Exercise:
Locate, in the data below, the line that contains "line (-21.88, 452.5)" and the line that contains "line (30.12, 355.588)"; reproduce exactly those two lines and every line between them, nothing more.

(Dataset records)

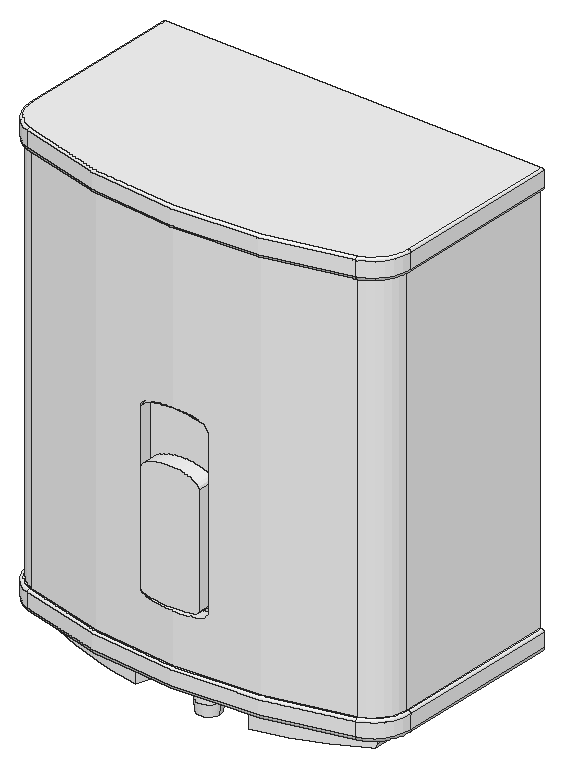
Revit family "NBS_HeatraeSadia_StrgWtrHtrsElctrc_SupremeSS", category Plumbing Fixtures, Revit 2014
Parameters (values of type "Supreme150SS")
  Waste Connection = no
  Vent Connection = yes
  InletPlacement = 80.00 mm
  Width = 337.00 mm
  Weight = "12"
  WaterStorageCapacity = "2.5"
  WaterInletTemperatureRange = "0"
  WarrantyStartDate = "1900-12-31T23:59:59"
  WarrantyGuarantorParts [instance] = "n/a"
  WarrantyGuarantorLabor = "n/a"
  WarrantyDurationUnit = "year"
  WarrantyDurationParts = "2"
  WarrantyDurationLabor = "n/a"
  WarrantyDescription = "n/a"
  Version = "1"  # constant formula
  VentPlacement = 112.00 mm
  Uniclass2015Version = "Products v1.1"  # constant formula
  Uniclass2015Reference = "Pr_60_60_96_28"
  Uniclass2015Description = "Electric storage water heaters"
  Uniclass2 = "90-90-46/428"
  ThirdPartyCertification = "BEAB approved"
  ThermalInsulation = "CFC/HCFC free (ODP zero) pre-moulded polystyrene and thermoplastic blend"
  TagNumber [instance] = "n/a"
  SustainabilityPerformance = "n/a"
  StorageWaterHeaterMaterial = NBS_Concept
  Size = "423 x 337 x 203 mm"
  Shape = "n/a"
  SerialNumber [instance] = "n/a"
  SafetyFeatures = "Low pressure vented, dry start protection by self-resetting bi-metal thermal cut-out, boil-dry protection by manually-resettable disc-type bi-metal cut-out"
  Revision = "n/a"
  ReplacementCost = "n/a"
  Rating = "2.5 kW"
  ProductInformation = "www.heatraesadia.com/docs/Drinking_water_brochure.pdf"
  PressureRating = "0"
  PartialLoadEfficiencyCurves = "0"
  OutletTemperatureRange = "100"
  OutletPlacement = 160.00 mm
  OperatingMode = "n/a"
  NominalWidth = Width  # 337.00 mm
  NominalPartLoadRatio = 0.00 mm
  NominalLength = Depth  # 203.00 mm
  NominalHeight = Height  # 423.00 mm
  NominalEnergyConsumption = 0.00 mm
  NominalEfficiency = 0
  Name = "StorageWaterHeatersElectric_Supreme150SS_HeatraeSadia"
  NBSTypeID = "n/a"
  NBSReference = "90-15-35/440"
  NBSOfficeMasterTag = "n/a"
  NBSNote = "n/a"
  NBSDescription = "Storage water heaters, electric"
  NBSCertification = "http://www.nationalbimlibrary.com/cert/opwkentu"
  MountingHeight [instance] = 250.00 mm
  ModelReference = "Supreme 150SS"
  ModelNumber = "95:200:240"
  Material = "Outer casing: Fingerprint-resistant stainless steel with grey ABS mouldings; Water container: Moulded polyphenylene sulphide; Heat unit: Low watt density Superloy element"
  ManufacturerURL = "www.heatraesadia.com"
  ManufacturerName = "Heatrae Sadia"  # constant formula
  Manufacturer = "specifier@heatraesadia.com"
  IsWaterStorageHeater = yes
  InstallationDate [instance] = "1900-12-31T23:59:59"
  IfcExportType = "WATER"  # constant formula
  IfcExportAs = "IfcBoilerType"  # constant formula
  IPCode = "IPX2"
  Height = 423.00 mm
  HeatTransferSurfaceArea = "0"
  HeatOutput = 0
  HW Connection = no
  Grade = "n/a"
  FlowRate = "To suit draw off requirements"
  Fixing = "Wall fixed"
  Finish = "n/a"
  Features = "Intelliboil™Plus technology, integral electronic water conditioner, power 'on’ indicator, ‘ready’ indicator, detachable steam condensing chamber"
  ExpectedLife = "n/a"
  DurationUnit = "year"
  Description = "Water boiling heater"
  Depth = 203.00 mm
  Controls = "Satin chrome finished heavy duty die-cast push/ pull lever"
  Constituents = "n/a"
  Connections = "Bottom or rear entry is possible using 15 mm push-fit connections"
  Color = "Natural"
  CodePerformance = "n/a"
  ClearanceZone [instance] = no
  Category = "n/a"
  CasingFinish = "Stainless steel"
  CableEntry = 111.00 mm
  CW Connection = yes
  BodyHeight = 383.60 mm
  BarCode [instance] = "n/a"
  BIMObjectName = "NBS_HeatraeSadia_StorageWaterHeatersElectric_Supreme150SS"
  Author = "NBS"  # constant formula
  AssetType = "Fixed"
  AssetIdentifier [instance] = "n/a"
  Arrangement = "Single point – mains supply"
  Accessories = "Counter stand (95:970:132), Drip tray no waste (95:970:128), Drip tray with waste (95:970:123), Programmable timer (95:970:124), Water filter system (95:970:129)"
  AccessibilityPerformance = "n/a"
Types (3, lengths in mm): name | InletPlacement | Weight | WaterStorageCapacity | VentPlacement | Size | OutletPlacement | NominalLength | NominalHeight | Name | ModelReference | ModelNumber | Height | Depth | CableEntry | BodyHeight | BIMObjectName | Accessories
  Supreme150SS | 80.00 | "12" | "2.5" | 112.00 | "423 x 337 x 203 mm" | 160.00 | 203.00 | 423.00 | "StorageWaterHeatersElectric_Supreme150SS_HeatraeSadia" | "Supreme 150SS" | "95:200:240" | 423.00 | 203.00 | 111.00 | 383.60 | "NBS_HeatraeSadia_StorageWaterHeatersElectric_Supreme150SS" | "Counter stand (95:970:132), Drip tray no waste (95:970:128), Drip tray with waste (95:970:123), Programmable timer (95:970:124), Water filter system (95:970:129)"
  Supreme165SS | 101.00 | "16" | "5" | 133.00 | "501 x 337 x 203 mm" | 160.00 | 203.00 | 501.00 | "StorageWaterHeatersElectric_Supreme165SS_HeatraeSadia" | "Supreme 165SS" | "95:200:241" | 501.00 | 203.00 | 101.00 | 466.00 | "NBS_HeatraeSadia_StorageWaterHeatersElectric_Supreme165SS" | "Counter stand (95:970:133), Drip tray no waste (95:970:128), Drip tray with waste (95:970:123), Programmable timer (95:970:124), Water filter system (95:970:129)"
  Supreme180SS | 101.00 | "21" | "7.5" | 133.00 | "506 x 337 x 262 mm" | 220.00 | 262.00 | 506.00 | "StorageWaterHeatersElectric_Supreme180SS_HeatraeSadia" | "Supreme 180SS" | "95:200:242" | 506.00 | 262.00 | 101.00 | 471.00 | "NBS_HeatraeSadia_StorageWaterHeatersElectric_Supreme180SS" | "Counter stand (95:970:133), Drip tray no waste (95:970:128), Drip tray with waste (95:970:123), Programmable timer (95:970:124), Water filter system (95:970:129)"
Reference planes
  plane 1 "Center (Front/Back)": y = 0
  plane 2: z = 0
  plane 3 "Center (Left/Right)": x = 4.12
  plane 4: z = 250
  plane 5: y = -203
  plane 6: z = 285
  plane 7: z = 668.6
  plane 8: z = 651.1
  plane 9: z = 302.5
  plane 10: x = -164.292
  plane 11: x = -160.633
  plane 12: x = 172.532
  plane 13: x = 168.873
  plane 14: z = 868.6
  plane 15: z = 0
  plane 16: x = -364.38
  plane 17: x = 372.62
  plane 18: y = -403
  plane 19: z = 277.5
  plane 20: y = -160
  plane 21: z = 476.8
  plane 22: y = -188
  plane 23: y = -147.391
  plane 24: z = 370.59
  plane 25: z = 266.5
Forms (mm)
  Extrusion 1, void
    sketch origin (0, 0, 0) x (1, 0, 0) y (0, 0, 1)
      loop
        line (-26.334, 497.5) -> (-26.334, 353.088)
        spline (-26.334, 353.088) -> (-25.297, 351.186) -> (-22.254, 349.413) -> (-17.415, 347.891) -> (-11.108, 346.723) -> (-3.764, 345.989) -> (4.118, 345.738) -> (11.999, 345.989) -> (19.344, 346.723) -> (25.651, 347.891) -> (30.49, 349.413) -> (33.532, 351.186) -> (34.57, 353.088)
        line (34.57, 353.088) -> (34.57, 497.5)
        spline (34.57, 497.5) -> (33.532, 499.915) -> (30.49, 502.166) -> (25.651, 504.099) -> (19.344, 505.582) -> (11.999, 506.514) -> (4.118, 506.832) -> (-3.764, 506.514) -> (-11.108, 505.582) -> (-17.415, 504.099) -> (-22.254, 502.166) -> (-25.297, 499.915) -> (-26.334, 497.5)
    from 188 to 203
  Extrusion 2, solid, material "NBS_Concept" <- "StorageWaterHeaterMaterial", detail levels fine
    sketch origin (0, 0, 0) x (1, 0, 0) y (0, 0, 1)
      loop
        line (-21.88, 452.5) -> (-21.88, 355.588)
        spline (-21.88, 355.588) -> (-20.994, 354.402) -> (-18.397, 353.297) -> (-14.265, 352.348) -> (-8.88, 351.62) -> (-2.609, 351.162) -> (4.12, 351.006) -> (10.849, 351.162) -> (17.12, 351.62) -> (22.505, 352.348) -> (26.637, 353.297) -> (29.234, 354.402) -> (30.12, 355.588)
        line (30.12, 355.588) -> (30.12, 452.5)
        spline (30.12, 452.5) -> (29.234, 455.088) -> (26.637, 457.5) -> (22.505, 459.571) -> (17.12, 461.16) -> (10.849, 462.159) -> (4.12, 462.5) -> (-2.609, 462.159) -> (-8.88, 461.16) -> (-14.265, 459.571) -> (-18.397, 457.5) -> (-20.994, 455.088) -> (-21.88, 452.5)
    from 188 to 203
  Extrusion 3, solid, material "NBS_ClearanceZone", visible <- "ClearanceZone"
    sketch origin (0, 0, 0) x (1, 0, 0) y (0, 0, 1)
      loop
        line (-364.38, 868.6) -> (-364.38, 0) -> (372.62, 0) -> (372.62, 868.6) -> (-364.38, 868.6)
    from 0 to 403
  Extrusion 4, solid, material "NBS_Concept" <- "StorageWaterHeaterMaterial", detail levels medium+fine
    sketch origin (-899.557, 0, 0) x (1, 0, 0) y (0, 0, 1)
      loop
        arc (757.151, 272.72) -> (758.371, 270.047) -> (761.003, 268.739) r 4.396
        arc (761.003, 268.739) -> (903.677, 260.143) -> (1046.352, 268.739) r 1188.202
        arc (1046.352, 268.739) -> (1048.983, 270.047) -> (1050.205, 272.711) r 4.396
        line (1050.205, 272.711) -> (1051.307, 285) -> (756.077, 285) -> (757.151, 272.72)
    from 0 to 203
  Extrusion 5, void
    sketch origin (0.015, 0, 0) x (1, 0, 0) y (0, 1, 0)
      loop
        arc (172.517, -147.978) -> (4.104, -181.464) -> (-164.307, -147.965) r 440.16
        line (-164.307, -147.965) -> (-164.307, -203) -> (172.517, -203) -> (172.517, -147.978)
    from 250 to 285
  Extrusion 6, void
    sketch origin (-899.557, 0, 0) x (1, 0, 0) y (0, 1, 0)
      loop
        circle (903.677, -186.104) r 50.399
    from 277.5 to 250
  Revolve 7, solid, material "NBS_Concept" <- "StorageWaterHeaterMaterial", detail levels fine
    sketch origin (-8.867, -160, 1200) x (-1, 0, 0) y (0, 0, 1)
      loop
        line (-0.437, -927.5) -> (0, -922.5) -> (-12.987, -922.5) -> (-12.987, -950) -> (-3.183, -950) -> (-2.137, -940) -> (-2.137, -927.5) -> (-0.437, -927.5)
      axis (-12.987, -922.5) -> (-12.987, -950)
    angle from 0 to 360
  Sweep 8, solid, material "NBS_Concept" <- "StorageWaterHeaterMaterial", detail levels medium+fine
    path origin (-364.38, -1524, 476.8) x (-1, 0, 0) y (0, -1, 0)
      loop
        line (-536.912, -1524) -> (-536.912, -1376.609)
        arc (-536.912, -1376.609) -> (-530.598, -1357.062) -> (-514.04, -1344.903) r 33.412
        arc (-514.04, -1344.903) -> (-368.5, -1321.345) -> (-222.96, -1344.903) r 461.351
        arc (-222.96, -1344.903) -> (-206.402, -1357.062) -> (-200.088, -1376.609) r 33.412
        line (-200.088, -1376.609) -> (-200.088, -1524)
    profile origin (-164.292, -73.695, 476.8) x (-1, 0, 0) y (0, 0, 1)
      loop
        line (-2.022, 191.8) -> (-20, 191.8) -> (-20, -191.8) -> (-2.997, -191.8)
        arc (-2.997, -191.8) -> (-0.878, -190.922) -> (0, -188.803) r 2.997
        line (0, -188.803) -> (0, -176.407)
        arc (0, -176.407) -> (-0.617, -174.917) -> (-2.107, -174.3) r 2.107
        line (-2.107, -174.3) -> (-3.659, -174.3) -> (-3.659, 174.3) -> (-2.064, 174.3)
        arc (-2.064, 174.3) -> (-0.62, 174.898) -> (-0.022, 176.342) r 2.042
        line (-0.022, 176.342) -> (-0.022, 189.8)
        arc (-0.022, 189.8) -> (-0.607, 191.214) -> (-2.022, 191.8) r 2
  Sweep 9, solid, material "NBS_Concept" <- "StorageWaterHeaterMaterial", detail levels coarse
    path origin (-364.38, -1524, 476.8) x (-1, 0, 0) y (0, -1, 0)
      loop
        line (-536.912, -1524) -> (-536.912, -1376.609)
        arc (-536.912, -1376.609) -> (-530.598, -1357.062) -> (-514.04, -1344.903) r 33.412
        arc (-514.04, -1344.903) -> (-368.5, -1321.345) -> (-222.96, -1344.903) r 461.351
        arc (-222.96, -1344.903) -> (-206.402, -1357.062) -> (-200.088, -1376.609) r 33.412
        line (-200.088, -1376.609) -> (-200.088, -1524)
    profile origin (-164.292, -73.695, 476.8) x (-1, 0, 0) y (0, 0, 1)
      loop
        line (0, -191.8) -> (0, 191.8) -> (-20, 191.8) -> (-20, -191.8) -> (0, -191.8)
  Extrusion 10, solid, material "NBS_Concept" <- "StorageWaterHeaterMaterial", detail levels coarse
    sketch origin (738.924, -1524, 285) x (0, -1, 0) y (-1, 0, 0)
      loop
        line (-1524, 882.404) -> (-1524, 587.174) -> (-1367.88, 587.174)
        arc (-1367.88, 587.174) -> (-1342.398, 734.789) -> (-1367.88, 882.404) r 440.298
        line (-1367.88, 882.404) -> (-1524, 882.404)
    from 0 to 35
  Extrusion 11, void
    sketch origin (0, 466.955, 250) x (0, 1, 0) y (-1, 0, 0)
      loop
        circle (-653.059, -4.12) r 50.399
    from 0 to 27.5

Answer space:
        line (-21.88, 452.5) -> (-21.88, 355.588)
        spline (-21.88, 355.588) -> (-20.994, 354.402) -> (-18.397, 353.297) -> (-14.265, 352.348) -> (-8.88, 351.62) -> (-2.609, 351.162) -> (4.12, 351.006) -> (10.849, 351.162) -> (17.12, 351.62) -> (22.505, 352.348) -> (26.637, 353.297) -> (29.234, 354.402) -> (30.12, 355.588)
        line (30.12, 355.588) -> (30.12, 452.5)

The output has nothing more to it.